Without insulin, lipolysis is unrestrained; free fatty acids are converted by the liver into ketone bodies.

How does the low pCO₂ (18 mmHg) relate to the acidosis in DKA?

It is the expected respiratory compensation — hyperventilation lowers CO₂ to partly correct the metabolic acidosis.

Why is glucosuria strongly positive in this DKA patient?

Severe hyperglycaemia (28.5 mmol/L) far exceeds the renal glucose threshold.

Why does DKA cause dehydration?

Hyperglycaemia drives an osmotic diuresis, and vomiting adds further fluid loss.

Why does type 1 diabetes typically present acutely with DKA, unlike type 2?

Type 1 is autoimmune β-cell destruction causing absolute insulin deficiency, which rapidly leads to ketoacidosis.

How does giving insulin reverse the metabolic acidosis in DKA?

Insulin stops lipolysis/ketogenesis and promotes glucose uptake, halting acid production and allowing pH to normalize.

Why is the patient tachycardic (pulse 110) on admission?

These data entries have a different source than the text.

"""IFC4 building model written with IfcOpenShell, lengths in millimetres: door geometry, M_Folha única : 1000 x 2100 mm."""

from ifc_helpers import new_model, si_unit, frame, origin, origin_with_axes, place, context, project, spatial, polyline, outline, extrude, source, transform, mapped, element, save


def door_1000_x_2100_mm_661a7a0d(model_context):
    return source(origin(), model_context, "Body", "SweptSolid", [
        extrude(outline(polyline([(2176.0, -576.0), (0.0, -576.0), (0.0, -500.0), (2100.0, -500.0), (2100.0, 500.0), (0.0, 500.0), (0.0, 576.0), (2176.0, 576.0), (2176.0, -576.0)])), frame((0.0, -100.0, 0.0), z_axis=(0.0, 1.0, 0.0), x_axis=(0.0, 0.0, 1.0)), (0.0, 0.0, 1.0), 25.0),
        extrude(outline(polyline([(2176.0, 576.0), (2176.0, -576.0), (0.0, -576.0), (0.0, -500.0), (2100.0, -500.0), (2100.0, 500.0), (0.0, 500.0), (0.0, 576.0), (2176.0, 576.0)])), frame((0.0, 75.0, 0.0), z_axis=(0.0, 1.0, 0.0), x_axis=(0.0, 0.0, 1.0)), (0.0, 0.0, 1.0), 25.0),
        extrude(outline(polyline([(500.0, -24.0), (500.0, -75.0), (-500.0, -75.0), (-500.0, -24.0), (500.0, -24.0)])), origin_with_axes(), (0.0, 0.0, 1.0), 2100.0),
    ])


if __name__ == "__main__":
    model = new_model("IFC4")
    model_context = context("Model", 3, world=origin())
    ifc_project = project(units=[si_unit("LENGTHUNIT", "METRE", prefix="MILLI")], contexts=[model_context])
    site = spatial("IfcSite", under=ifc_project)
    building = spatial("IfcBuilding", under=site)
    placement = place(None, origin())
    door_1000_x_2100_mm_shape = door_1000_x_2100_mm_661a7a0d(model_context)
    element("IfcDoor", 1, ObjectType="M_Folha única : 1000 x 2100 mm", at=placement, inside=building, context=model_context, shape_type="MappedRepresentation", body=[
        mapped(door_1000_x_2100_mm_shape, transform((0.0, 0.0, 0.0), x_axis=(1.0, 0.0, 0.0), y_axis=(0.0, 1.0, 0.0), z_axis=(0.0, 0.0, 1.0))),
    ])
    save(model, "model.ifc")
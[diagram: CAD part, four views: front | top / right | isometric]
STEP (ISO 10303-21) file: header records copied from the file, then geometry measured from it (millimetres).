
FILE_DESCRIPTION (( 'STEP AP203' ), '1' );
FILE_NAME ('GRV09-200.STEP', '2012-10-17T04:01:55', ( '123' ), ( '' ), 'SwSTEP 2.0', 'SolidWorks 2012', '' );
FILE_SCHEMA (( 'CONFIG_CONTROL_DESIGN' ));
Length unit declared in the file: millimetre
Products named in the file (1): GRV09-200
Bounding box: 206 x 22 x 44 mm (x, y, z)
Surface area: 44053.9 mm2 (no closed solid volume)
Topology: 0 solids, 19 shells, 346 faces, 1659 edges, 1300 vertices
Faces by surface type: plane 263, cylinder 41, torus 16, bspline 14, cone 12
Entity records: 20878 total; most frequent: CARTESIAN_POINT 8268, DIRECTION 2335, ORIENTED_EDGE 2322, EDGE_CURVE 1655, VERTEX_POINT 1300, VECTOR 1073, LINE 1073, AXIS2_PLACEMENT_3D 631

Dehydration and hypovolaemia trigger a compensatory increase in heart rate.

Why is IV fluid the first priority in DKA management?

It restores intravascular volume and renal perfusion, dilutes glucose, and improves tissue perfusion before/with insulin.

What is the anion-gap concept that explains the acidosis in DKA?

Accumulating ketoacids add unmeasured anions, widening the anion gap and lowering bicarbonate.